**Aim of the exercise:** Up to and including the line that holds "import ezdxf", copy every line of the records below exactly, starting at the first; leave pictures out.

**Records to use:**
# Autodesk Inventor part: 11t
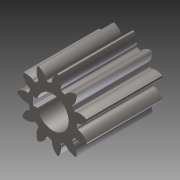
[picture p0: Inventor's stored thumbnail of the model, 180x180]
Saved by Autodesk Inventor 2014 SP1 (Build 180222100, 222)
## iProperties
Created: 2014-11
Part Number: 11t
Material: Steel
Document SubType Name: Modeling
Designer: Michael
Density: 7.85 g/cm^3
Appearance: Steel
Mass: 18.2383 g
Surface Area: 23.9266 cm^2
Volume: 2.32336 cm^3
Title: 217-3107-STEP.STEP
Description: STEP AP214
Creation Date: 2013-12-09
Sending System: SolidWorks 2013
Preprocessor: SwSTEP 2.0
Author: Michael
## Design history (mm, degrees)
node "11t1"
node "Split Line6"
node "Base1"
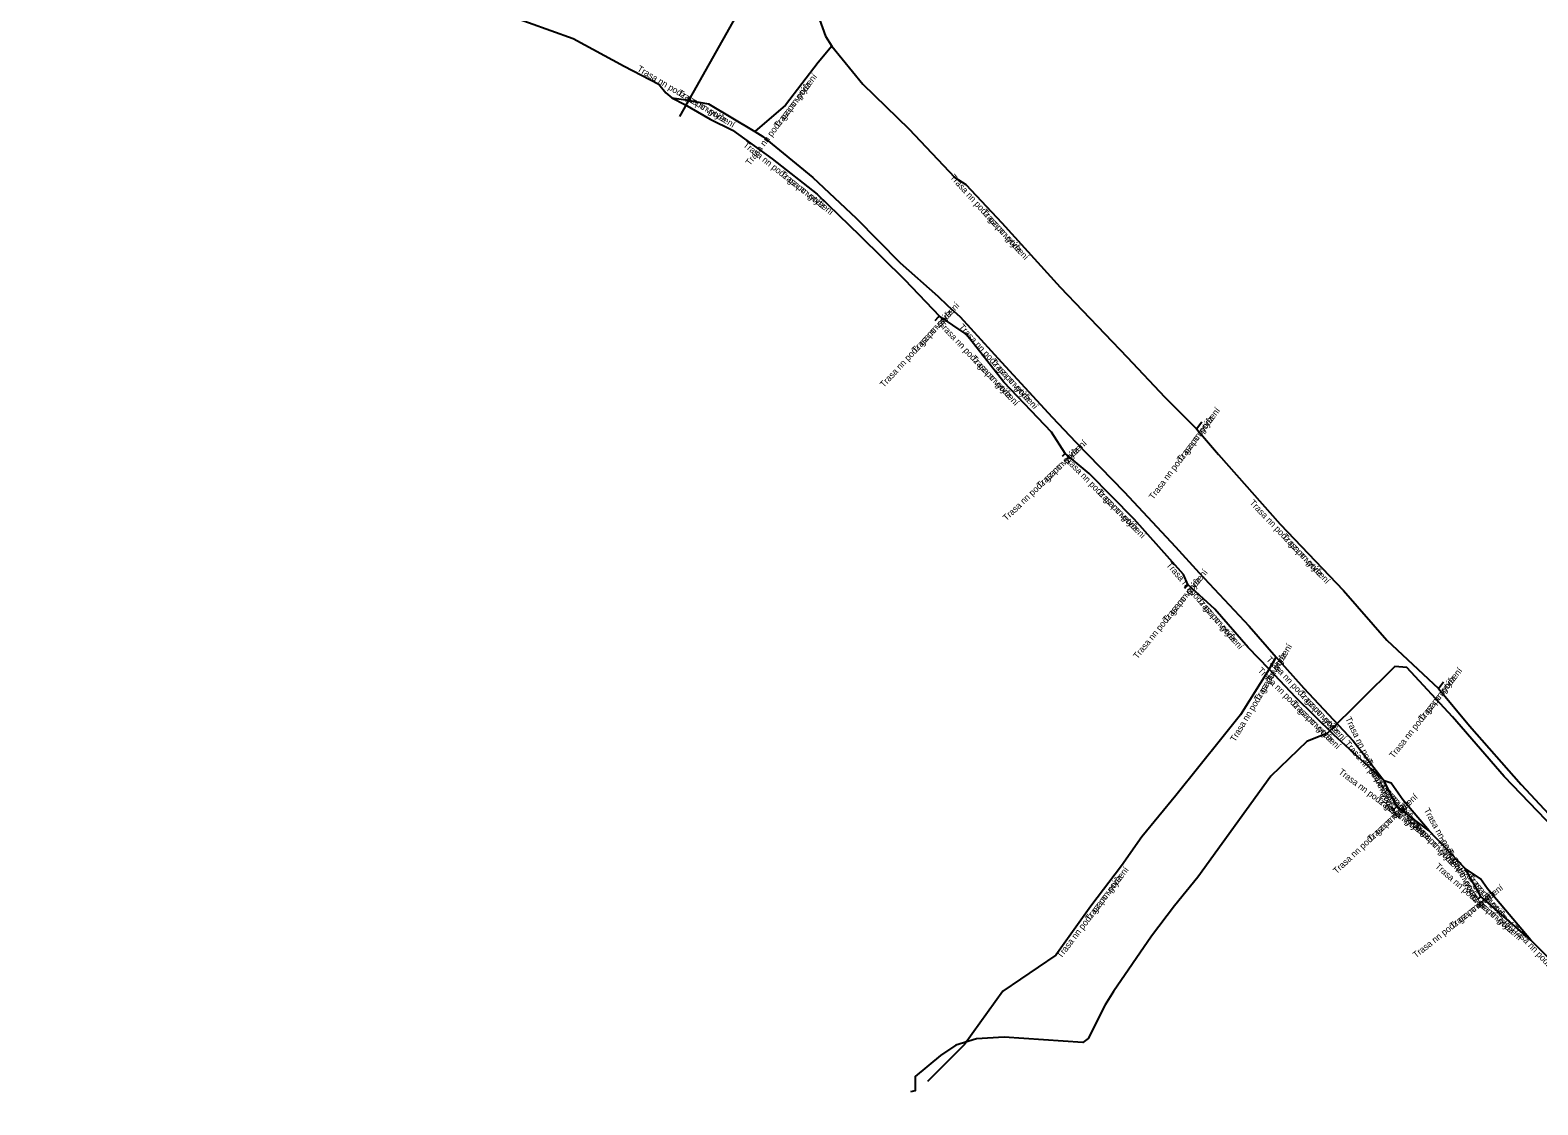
# Model space of a CAD drawing. Extents: x -703240 to -702678, y -1007635 to -1007322.
# Drawn here: x -703170.5 to -703052.5, y -1007557.6 to -1007473.5 of the extents above; entities that cross this region are included whole.
import ezdxf

# ---------------------------------------------------------------- set-up
doc = ezdxf.new("R2010")
doc.units = 0
for name, color, linetype in [('Popiskový text - Ostatní atributy Trasy', 7, 'Continuous'), ('Spojnice NN', 7, 'Continuous'), ('Spojnice VN', 7, 'Continuous')]:
    doc.layers.add(name, color=color, linetype=linetype)

msp = doc.modelspace()

# ---------------------------------------------------------------- linework, layer by layer
at = {"layer": 'Spojnice NN'}
for points in [[(-703105.19, -1007457.24), (-703106.16, -1007459.83), (-703107.31, -1007462.78), (-703109.11, -1007466.66), (-703109.74, -1007469.54), (-703109.29, -1007470.92), (-703108.22, -1007473.93), (-703107.73, -1007474.7)], [(-703105.19, -1007457.24), (-703106.16, -1007459.83), (-703107.31, -1007462.78), (-703109.11, -1007466.66), (-703109.74, -1007469.54), (-703109.29, -1007470.92), (-703108.22, -1007473.93), (-703107.73, -1007474.7)], [(-703170.48, -1007458.83), (-703167.59, -1007459.63), (-703164.52, -1007460.71), (-703160.1, -1007462.3), (-703155.58, -1007463.8), (-703150.53, -1007465.57), (-703146.69, -1007466.98), (-703141.78, -1007469.02), (-703136.93, -1007470.9), (-703131.46, -1007472.86), (-703127.97, -1007474.1), (-703123.99, -1007476.28), (-703121.27, -1007477.68), (-703120.71, -1007478.36), (-703120.24, -1007478.76)], [(-703170.48, -1007458.83), (-703167.59, -1007459.63), (-703164.52, -1007460.71), (-703160.1, -1007462.3), (-703155.58, -1007463.8), (-703150.53, -1007465.57), (-703146.69, -1007466.98), (-703141.78, -1007469.02), (-703136.93, -1007470.9), (-703131.46, -1007472.86), (-703127.97, -1007474.1), (-703123.99, -1007476.28), (-703121.27, -1007477.68), (-703120.71, -1007478.36), (-703120.24, -1007478.76)], [(-703107.73, -1007474.7), (-703108.8, -1007475.97), (-703111.34, -1007479.33), (-703113.75, -1007481.39)], [(-703107.73, -1007474.7), (-703108.8, -1007475.97), (-703111.34, -1007479.33), (-703113.75, -1007481.39)], [(-703107.73, -1007474.7), (-703105.3, -1007477.69), (-703101.7, -1007481.18), (-703098.1, -1007484.98), (-703097.23, -1007485.53), (-703094.43, -1007488.53), (-703089.86, -1007493.56), (-703084.61, -1007499.04), (-703081.67, -1007502.19), (-703079.19, -1007504.66)], [(-703107.73, -1007474.7), (-703105.3, -1007477.69), (-703101.7, -1007481.18), (-703098.1, -1007484.98), (-703097.23, -1007485.53), (-703094.43, -1007488.53), (-703089.86, -1007493.56), (-703084.61, -1007499.04), (-703081.67, -1007502.19), (-703079.19, -1007504.66)], [(-703120.24, -1007478.76), (-703119.33, -1007478.88), (-703117.38, -1007479.22), (-703113.75, -1007481.39)], [(-703120.24, -1007478.76), (-703119.24, -1007479.28), (-703117.25, -1007480.43), (-703115.5, -1007481.27), (-703112.39, -1007483.52), (-703108.87, -1007486.3), (-703105.53, -1007489.53), (-703102.01, -1007493), (-703099.3, -1007495.83)], [(-703120.24, -1007478.76), (-703119.33, -1007478.88), (-703117.38, -1007479.22), (-703113.75, -1007481.39)], [(-703120.24, -1007478.76), (-703119.24, -1007479.28), (-703117.25, -1007480.43), (-703115.5, -1007481.27), (-703112.39, -1007483.52), (-703108.87, -1007486.3), (-703105.53, -1007489.53), (-703102.01, -1007493), (-703099.3, -1007495.83)], [(-703113.75, -1007481.39), (-703113.13, -1007481.77), (-703109.22, -1007484.98), (-703105.81, -1007488.17), (-703102.37, -1007491.67), (-703099.42, -1007494.27), (-703098.67, -1007495), (-703097.68, -1007495.9), (-703094.44, -1007499.44), (-703090.48, -1007503.74), (-703088.62, -1007505.7), (-703084.85, -1007509.58), (-703080.82, -1007513.88), (-703078.98, -1007515.94), (-703075.05, -1007520.11), (-703072.95, -1007522.53)], [(-703113.75, -1007481.39), (-703113.13, -1007481.77), (-703109.22, -1007484.98), (-703105.81, -1007488.17), (-703102.37, -1007491.67), (-703099.42, -1007494.27), (-703098.67, -1007495), (-703097.68, -1007495.9), (-703094.44, -1007499.44), (-703090.48, -1007503.74), (-703088.62, -1007505.7), (-703084.85, -1007509.58), (-703080.82, -1007513.88), (-703078.98, -1007515.94), (-703075.05, -1007520.11), (-703072.95, -1007522.53)], [(-703099.3, -1007495.83), (-703099.4, -1007495.92), (-703099.66, -1007496.2)], [(-703099.3, -1007495.83), (-703099.4, -1007495.92), (-703099.66, -1007496.2)], [(-703089.46, -1007506.59), (-703090.54, -1007504.93), (-703094.25, -1007501.01), (-703097.2, -1007497.24), (-703099.3, -1007495.83)], [(-703089.46, -1007506.59), (-703090.54, -1007504.93), (-703094.25, -1007501.01), (-703097.2, -1007497.24), (-703099.3, -1007495.83)], [(-703079.19, -1007504.66), (-703078.77, -1007504.1)], [(-703079.19, -1007504.66), (-703078.77, -1007504.1)], [(-703079.19, -1007504.66), (-703077.45, -1007506.67), (-703072.62, -1007512.11), (-703067.67, -1007517.31), (-703064.27, -1007521.2), (-703060.24, -1007524.97)], [(-703079.19, -1007504.66), (-703077.45, -1007506.67), (-703072.62, -1007512.11), (-703067.67, -1007517.31), (-703064.27, -1007521.2), (-703060.24, -1007524.97)], [(-703089.46, -1007506.59), (-703089.7, -1007506.82)], [(-703089.46, -1007506.59), (-703089.7, -1007506.82)], [(-703079.87, -1007516.84), (-703080.2, -1007516.06), (-703084.05, -1007511.74), (-703087.58, -1007508.16), (-703089.46, -1007506.59)], [(-703079.87, -1007516.84), (-703080.2, -1007516.06), (-703084.05, -1007511.74), (-703087.58, -1007508.16), (-703089.46, -1007506.59)], [(-703079.87, -1007516.84), (-703080.13, -1007517.16)], [(-703079.87, -1007516.84), (-703080.13, -1007517.16)], [(-703073.5, -1007523.46), (-703075.14, -1007521.78), (-703077.75, -1007518.77), (-703079.87, -1007516.84)], [(-703073.5, -1007523.46), (-703075.14, -1007521.78), (-703077.75, -1007518.77), (-703079.87, -1007516.84)], [(-703073.5, -1007523.46), (-703072.95, -1007522.53)], [(-703073.5, -1007523.46), (-703072.95, -1007522.53)], [(-703072.95, -1007522.53), (-703070.78, -1007524.95), (-703066.91, -1007529.07), (-703064.48, -1007532.21)], [(-703072.95, -1007522.53), (-703070.78, -1007524.95), (-703066.91, -1007529.07), (-703064.48, -1007532.21)], [(-703073.5, -1007523.46), (-703075.73, -1007527.03), (-703077.2, -1007528.88), (-703080.81, -1007533.35), (-703083.45, -1007536.6), (-703085.05, -1007538.87), (-703087.44, -1007542.01), (-703090.19, -1007545.86), (-703094.33, -1007548.68), (-703097.35, -1007552.84), (-703100.24, -1007555.74)], [(-703073.5, -1007523.46), (-703075.73, -1007527.03), (-703077.2, -1007528.88), (-703080.81, -1007533.35), (-703083.45, -1007536.6), (-703085.05, -1007538.87), (-703087.44, -1007542.01), (-703090.19, -1007545.86), (-703094.33, -1007548.68), (-703097.35, -1007552.84), (-703100.24, -1007555.74)], [(-703064.48, -1007532.21), (-703068.44, -1007528.61), (-703071.41, -1007525.68), (-703073.5, -1007523.46)], [(-703064.48, -1007532.21), (-703068.44, -1007528.61), (-703071.41, -1007525.68), (-703073.5, -1007523.46)], [(-703060.24, -1007524.97), (-703059.84, -1007524.46)], [(-703060.24, -1007524.97), (-703059.84, -1007524.46)], [(-703060.24, -1007524.97), (-703057.82, -1007527.9), (-703053.76, -1007532.5), (-703049.79, -1007536.76), (-703045.88, -1007540.85), (-703042.43, -1007544.47), (-703037.97, -1007549.38), (-703033.75, -1007553.9), (-703030.23, -1007557.57)], [(-703060.24, -1007524.97), (-703057.82, -1007527.9), (-703053.76, -1007532.5), (-703049.79, -1007536.76), (-703045.88, -1007540.85), (-703042.43, -1007544.47), (-703037.97, -1007549.38), (-703033.75, -1007553.9), (-703030.23, -1007557.57)], [(-703060.96, -1007536.12), (-703063.03, -1007533.7), (-703063.95, -1007532.39), (-703064.48, -1007532.21)], [(-703063.51, -1007534.22), (-703064.48, -1007532.21)], [(-703063.51, -1007534.22), (-703064.48, -1007532.21)], [(-703060.96, -1007536.12), (-703063.03, -1007533.7), (-703063.95, -1007532.39), (-703064.48, -1007532.21)], [(-703063.51, -1007534.22), (-703063.84, -1007534.53)], [(-703063.51, -1007534.22), (-703063.84, -1007534.53)], [(-703060.96, -1007536.12), (-703063.51, -1007534.22)], [(-703060.96, -1007536.12), (-703063.51, -1007534.22)], [(-703058.14, -1007539.07), (-703060.96, -1007536.12)], [(-703058.14, -1007539.07), (-703060.96, -1007536.12)], [(-703053.01, -1007544.68), (-703056.39, -1007540.67), (-703056.95, -1007539.89), (-703058.14, -1007539.07)], [(-703056.93, -1007541.26), (-703058.14, -1007539.07)], [(-703056.93, -1007541.26), (-703058.14, -1007539.07)], [(-703053.01, -1007544.68), (-703056.39, -1007540.67), (-703056.95, -1007539.89), (-703058.14, -1007539.07)], [(-703056.93, -1007541.26), (-703057.17, -1007541.45)], [(-703056.93, -1007541.26), (-703057.17, -1007541.45)], [(-703053.01, -1007544.68), (-703056.93, -1007541.26)], [(-703053.01, -1007544.68), (-703056.93, -1007541.26)], [(-703045.83, -1007551.96), (-703046.67, -1007551.19), (-703050.31, -1007547.33), (-703053.01, -1007544.68)], [(-703045.83, -1007551.96), (-703046.67, -1007551.19), (-703050.31, -1007547.33), (-703053.01, -1007544.68)]]:
    msp.add_lwpolyline(points, dxfattribs=at)
at = {"layer": 'Spojnice VN'}
for points in [[(-703119.62, -1007480.22), (-703093.28, -1007433.41)], [(-703051.16, -1007535.96), (-703055.1, -1007531.88), (-703059.13, -1007527.2), (-703062.71, -1007523.35), (-703063.65, -1007523.26), (-703068.93, -1007528.49), (-703070.55, -1007529.14), (-703073.37, -1007531.84), (-703079.07, -1007539.75), (-703080.91, -1007541.98), (-703082.69, -1007544.38), (-703085.67, -1007548.69), (-703086.34, -1007549.73), (-703087.66, -1007552.38), (-703088.08, -1007552.7), (-703094.24, -1007552.28), (-703096.41, -1007552.41), (-703098.03, -1007552.89), (-703099.23, -1007553.71), (-703101.19, -1007555.36), (-703101.2, -1007556.48), (-703101.57, -1007556.55)]]:
    msp.add_lwpolyline(points, dxfattribs=at)

# ---------------------------------------------------------------- texts
at = {"layer": 'Popiskový text - Ostatní atributy Trasy'}
for s, rotation, p in [('Trasa nn podz gz po vytýèení', 329.1292, (-703123.01, -1007476.61)), ('Trasa nn podz gz po vytýèení', 52.9125, (-703114.13, -1007484.09)), ('Trasa nn podz', 329.1292, (-703119.84, -1007478.5)), ('Trasa nn podz', 52.9125, (-703111.9, -1007481.15)), ('Trasa nn podz gz po vytýèení', 321.6993, (-703114.71, -1007482.52)), ('Trasa nn podz', 321.6993, (-703111.82, -1007484.8)), ('Trasa nn podz gz po vytýèení', 312.2567, (-703098.51, -1007485)), ('Trasa nn podz', 312.2567, (-703096.03, -1007487.73)), ('Trasa nn podz gz po vytýèení', 47.1211, (-703103.66, -1007501.46)), ('Trasa nn podz', 47.1211, (-703101.15, -1007498.76)), ('Trasa nn podz gz po vytýèení', 313.4234, (-703099.4, -1007496.52)), ('Trasa nn podz gz po vytýèení', 312.6429, (-703097.83, -1007496.72)), ('Trasa nn podz', 313.4234, (-703096.86, -1007499.19)), ('Trasa nn podz', 312.6429, (-703095.33, -1007499.43)), ('Trasa nn podz gz po vytýèení', 53.1301, (-703082.56, -1007510.24)), ('Trasa nn podz', 53.1301, (-703080.35, -1007507.29)), ('Trasa nn podz gz po vytýèení', 43.7811, (-703094.06, -1007511.9)), ('Trasa nn podz', 43.7811, (-703091.4, -1007509.35)), ('Trasa nn podz gz po vytýèení', 314.5971, (-703089.61, -1007507.03)), ('Trasa nn podz', 314.5971, (-703087.02, -1007509.66)), ('Trasa nn podz gz po vytýèení', 313.5891, (-703075.07, -1007510.48)), ('Trasa nn podz', 313.5891, (-703072.53, -1007513.15)), ('Trasa nn podz gz po vytýèení', 50.9061, (-703083.8, -1007522.71)), ('Trasa nn podz gz po vytýèení', 310.9289, (-703081.58, -1007515.34)), ('Trasa nn podz', 50.9061, (-703081.48, -1007519.85)), ('Trasa nn podz', 310.9289, (-703079.17, -1007518.13)), ('Trasa nn podz gz po vytýèení', 59.1907, (-703076.16, -1007529.2)), ('Trasa nn podz', 59.1907, (-703074.28, -1007526.03)), ('Trasa nn podz gz po vytýèení', 313.2079, (-703073.75, -1007522.74)), ('Trasa nn podz gz po vytýèení', 315.3884, (-703074.43, -1007523.62)), ('Trasa nn podz gz po vytýèení', 51.8924, (-703063.75, -1007530.49)), ('Trasa nn podz', 51.8924, (-703061.47, -1007527.59)), ('Trasa nn podz', 313.2079, (-703071.23, -1007525.42)), ('Trasa nn podz', 315.3884, (-703071.8, -1007526.21)), ('Trasa nn podz gz po vytýèení', 295.7614, (-703067.55, -1007527.34)), ('Trasa nn podz gz po vytýèení', 310.5427, (-703067.63, -1007529.32)), ('Trasa nn podz gz po vytýèení', 323.3103, (-703068.1, -1007531.61)), ('Trasa nn podz', 295.7614, (-703065.95, -1007530.66)), ('Trasa nn podz', 310.5427, (-703065.24, -1007532.12)), ('Trasa nn podz gz po vytýèení', 43.2101, (-703068.21, -1007539.53)), ('Trasa nn podz', 43.2101, (-703065.52, -1007537)), ('Trasa nn podz', 323.3103, (-703065.15, -1007533.81)), ('Trasa nn podz gz po vytýèení', 313.7093, (-703064.74, -1007533.1)), ('Trasa nn podz gz po vytýèení', 298.9212, (-703061.41, -1007534.5)), ('Trasa nn podz', 313.7093, (-703062.19, -1007535.77)), ('Trasa nn podz gz po vytýèení', 310.1273, (-703060.38, -1007536.95)), ('Trasa nn podz', 298.9212, (-703059.63, -1007537.72)), ('Trasa nn podz gz po vytýèení', 52.7236, (-703089.77, -1007546.15)), ('Trasa nn podz', 52.7236, (-703087.54, -1007543.22)), ('Trasa nn podz gz po vytýèení', 318.897, (-703060.55, -1007538.97)), ('Trasa nn podz', 310.1273, (-703058, -1007539.77)), ('Trasa nn podz gz po vytýèení', 38.3675, (-703062, -1007546.11)), ('Trasa nn podz', 38.3675, (-703059.11, -1007543.82)), ('Trasa nn podz', 318.897, (-703057.77, -1007541.39)), ('Trasa nn podz gz po vytýèení', 313.3198, (-703054.56, -1007543.77))]:
    msp.add_text(s, height=0.5, rotation=rotation, dxfattribs=at).set_placement(p)

doc.saveas('drawing.dxf')

**Solved exercise:**
# Autodesk Inventor part: 11t
[picture p0: Inventor's stored thumbnail of the model, 180x180]
Saved by Autodesk Inventor 2014 SP1 (Build 180222100, 222)
## iProperties
Created: 2014-11
Part Number: 11t
Material: Steel
Document SubType Name: Modeling
Designer: Michael
Density: 7.85 g/cm^3
Appearance: Steel
Mass: 18.2383 g
Surface Area: 23.9266 cm^2
Volume: 2.32336 cm^3
Title: 217-3107-STEP.STEP
Description: STEP AP214
Creation Date: 2013-12-09
Sending System: SolidWorks 2013
Preprocessor: SwSTEP 2.0
Author: Michael
## Design history (mm, degrees)
node "11t1"
node "Split Line6"
node "Base1"
# Model space of a CAD drawing. Extents: x -703240 to -702678, y -1007635 to -1007322.
# Drawn here: x -703170.5 to -703052.5, y -1007557.6 to -1007473.5 of the extents above; entities that cross this region are included whole.
import ezdxf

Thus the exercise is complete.